Exercise material:
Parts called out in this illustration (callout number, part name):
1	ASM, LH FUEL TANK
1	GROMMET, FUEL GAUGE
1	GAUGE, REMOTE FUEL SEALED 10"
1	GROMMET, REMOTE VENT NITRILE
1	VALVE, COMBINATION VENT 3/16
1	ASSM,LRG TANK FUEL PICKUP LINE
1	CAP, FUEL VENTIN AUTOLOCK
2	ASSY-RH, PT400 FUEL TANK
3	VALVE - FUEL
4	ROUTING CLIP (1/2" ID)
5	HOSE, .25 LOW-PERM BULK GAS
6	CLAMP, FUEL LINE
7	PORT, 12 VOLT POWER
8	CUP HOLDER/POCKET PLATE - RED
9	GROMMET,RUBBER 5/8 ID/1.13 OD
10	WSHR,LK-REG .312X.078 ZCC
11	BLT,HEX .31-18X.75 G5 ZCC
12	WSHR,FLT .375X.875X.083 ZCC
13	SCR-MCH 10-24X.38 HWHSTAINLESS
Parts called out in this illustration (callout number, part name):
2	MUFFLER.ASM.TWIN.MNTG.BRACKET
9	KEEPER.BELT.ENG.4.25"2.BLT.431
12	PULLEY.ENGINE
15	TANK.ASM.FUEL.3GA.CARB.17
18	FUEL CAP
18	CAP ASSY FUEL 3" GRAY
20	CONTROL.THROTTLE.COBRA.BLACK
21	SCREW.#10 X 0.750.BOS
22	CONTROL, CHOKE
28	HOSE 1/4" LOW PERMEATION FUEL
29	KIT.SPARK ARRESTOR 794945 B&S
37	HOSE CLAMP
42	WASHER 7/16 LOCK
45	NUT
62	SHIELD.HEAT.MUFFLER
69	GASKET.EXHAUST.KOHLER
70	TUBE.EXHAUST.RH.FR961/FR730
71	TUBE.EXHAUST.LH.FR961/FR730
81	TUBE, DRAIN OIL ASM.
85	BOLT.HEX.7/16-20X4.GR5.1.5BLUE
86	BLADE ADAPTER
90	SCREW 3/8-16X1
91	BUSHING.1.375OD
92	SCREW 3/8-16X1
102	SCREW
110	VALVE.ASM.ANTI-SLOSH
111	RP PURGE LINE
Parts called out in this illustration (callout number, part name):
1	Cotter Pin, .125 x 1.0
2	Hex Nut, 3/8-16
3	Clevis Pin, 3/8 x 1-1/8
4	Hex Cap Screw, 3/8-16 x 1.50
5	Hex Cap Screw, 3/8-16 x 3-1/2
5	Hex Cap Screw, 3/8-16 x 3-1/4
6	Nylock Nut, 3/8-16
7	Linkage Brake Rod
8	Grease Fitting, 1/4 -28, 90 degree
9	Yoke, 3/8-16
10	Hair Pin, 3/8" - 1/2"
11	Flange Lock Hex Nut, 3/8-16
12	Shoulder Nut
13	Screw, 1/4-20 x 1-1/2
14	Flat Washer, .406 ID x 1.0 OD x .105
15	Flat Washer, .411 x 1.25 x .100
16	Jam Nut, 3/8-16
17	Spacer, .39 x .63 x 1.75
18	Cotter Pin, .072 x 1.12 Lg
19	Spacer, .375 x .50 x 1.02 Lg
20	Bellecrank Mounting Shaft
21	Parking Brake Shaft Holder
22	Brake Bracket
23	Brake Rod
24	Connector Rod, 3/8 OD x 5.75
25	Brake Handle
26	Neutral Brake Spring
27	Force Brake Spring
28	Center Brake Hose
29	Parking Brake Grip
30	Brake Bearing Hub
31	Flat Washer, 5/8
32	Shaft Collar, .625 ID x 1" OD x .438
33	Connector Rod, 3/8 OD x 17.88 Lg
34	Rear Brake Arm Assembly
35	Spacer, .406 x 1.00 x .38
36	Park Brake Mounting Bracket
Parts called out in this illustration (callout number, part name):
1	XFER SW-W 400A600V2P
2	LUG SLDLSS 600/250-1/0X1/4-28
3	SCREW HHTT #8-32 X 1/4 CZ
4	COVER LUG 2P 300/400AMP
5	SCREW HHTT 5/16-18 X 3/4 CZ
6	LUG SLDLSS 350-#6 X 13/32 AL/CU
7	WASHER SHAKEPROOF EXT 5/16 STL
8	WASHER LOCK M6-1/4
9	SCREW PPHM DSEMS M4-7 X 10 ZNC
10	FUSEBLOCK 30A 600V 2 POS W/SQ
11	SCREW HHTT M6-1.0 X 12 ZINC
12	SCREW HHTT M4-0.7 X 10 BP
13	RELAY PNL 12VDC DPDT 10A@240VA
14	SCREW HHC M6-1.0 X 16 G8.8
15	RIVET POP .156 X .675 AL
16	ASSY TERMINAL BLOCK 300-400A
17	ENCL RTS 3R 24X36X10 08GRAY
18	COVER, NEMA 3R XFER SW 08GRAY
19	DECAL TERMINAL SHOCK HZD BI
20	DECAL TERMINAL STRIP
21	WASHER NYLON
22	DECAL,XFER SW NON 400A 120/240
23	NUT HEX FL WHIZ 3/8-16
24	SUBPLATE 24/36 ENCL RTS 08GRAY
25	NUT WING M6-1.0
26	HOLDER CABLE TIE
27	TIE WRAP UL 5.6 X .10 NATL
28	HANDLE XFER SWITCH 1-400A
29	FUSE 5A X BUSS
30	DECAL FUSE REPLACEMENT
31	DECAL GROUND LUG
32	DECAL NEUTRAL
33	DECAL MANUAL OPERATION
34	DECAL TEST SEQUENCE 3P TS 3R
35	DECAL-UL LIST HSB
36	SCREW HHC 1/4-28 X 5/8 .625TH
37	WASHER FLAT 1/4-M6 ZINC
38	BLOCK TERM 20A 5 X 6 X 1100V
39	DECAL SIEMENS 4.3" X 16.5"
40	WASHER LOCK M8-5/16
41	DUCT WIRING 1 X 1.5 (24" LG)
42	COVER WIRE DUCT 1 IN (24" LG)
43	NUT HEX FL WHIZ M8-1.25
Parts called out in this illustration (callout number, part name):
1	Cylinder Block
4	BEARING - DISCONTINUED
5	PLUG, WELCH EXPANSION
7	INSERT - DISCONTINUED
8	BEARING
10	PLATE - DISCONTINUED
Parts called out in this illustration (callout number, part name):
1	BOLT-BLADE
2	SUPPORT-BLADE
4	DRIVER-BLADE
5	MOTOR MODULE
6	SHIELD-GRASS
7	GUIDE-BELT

How to complete this task:
Produce a verbatim copy of all the material.

Response to the exercise:
Parts called out in this illustration (callout number, part name):
1	ASM, LH FUEL TANK
1	GROMMET, FUEL GAUGE
1	GAUGE, REMOTE FUEL SEALED 10"
1	GROMMET, REMOTE VENT NITRILE
1	VALVE, COMBINATION VENT 3/16
1	ASSM,LRG TANK FUEL PICKUP LINE
1	CAP, FUEL VENTIN AUTOLOCK
2	ASSY-RH, PT400 FUEL TANK
3	VALVE - FUEL
4	ROUTING CLIP (1/2" ID)
5	HOSE, .25 LOW-PERM BULK GAS
6	CLAMP, FUEL LINE
7	PORT, 12 VOLT POWER
8	CUP HOLDER/POCKET PLATE - RED
9	GROMMET,RUBBER 5/8 ID/1.13 OD
10	WSHR,LK-REG .312X.078 ZCC
11	BLT,HEX .31-18X.75 G5 ZCC
12	WSHR,FLT .375X.875X.083 ZCC
13	SCR-MCH 10-24X.38 HWHSTAINLESS
Parts called out in this illustration (callout number, part name):
2	MUFFLER.ASM.TWIN.MNTG.BRACKET
9	KEEPER.BELT.ENG.4.25"2.BLT.431
12	PULLEY.ENGINE
15	TANK.ASM.FUEL.3GA.CARB.17
18	FUEL CAP
18	CAP ASSY FUEL 3" GRAY
20	CONTROL.THROTTLE.COBRA.BLACK
21	SCREW.#10 X 0.750.BOS
22	CONTROL, CHOKE
28	HOSE 1/4" LOW PERMEATION FUEL
29	KIT.SPARK ARRESTOR 794945 B&S
37	HOSE CLAMP
42	WASHER 7/16 LOCK
45	NUT
62	SHIELD.HEAT.MUFFLER
69	GASKET.EXHAUST.KOHLER
70	TUBE.EXHAUST.RH.FR961/FR730
71	TUBE.EXHAUST.LH.FR961/FR730
81	TUBE, DRAIN OIL ASM.
85	BOLT.HEX.7/16-20X4.GR5.1.5BLUE
86	BLADE ADAPTER
90	SCREW 3/8-16X1
91	BUSHING.1.375OD
92	SCREW 3/8-16X1
102	SCREW
110	VALVE.ASM.ANTI-SLOSH
111	RP PURGE LINE
Parts called out in this illustration (callout number, part name):
1	Cotter Pin, .125 x 1.0
2	Hex Nut, 3/8-16
3	Clevis Pin, 3/8 x 1-1/8
4	Hex Cap Screw, 3/8-16 x 1.50
5	Hex Cap Screw, 3/8-16 x 3-1/2
5	Hex Cap Screw, 3/8-16 x 3-1/4
6	Nylock Nut, 3/8-16
7	Linkage Brake Rod
8	Grease Fitting, 1/4 -28, 90 degree
9	Yoke, 3/8-16
10	Hair Pin, 3/8" - 1/2"
11	Flange Lock Hex Nut, 3/8-16
12	Shoulder Nut
13	Screw, 1/4-20 x 1-1/2
14	Flat Washer, .406 ID x 1.0 OD x .105
15	Flat Washer, .411 x 1.25 x .100
16	Jam Nut, 3/8-16
17	Spacer, .39 x .63 x 1.75
18	Cotter Pin, .072 x 1.12 Lg
19	Spacer, .375 x .50 x 1.02 Lg
20	Bellecrank Mounting Shaft
21	Parking Brake Shaft Holder
22	Brake Bracket
23	Brake Rod
24	Connector Rod, 3/8 OD x 5.75
25	Brake Handle
26	Neutral Brake Spring
27	Force Brake Spring
28	Center Brake Hose
29	Parking Brake Grip
30	Brake Bearing Hub
31	Flat Washer, 5/8
32	Shaft Collar, .625 ID x 1" OD x .438
33	Connector Rod, 3/8 OD x 17.88 Lg
34	Rear Brake Arm Assembly
35	Spacer, .406 x 1.00 x .38
36	Park Brake Mounting Bracket
Parts called out in this illustration (callout number, part name):
1	XFER SW-W 400A600V2P
2	LUG SLDLSS 600/250-1/0X1/4-28
3	SCREW HHTT #8-32 X 1/4 CZ
4	COVER LUG 2P 300/400AMP
5	SCREW HHTT 5/16-18 X 3/4 CZ
6	LUG SLDLSS 350-#6 X 13/32 AL/CU
7	WASHER SHAKEPROOF EXT 5/16 STL
8	WASHER LOCK M6-1/4
9	SCREW PPHM DSEMS M4-7 X 10 ZNC
10	FUSEBLOCK 30A 600V 2 POS W/SQ
11	SCREW HHTT M6-1.0 X 12 ZINC
12	SCREW HHTT M4-0.7 X 10 BP
13	RELAY PNL 12VDC DPDT 10A@240VA
14	SCREW HHC M6-1.0 X 16 G8.8
15	RIVET POP .156 X .675 AL
16	ASSY TERMINAL BLOCK 300-400A
17	ENCL RTS 3R 24X36X10 08GRAY
18	COVER, NEMA 3R XFER SW 08GRAY
19	DECAL TERMINAL SHOCK HZD BI
20	DECAL TERMINAL STRIP
21	WASHER NYLON
22	DECAL,XFER SW NON 400A 120/240
23	NUT HEX FL WHIZ 3/8-16
24	SUBPLATE 24/36 ENCL RTS 08GRAY
25	NUT WING M6-1.0
26	HOLDER CABLE TIE
27	TIE WRAP UL 5.6 X .10 NATL
28	HANDLE XFER SWITCH 1-400A
29	FUSE 5A X BUSS
30	DECAL FUSE REPLACEMENT
31	DECAL GROUND LUG
32	DECAL NEUTRAL
33	DECAL MANUAL OPERATION
34	DECAL TEST SEQUENCE 3P TS 3R
35	DECAL-UL LIST HSB
36	SCREW HHC 1/4-28 X 5/8 .625TH
37	WASHER FLAT 1/4-M6 ZINC
38	BLOCK TERM 20A 5 X 6 X 1100V
39	DECAL SIEMENS 4.3" X 16.5"
40	WASHER LOCK M8-5/16
41	DUCT WIRING 1 X 1.5 (24" LG)
42	COVER WIRE DUCT 1 IN (24" LG)
43	NUT HEX FL WHIZ M8-1.25
Parts called out in this illustration (callout number, part name):
1	Cylinder Block
4	BEARING - DISCONTINUED
5	PLUG, WELCH EXPANSION
7	INSERT - DISCONTINUED
8	BEARING
10	PLATE - DISCONTINUED
Parts called out in this illustration (callout number, part name):
1	BOLT-BLADE
2	SUPPORT-BLADE
4	DRIVER-BLADE
5	MOTOR MODULE
6	SHIELD-GRASS
7	GUIDE-BELT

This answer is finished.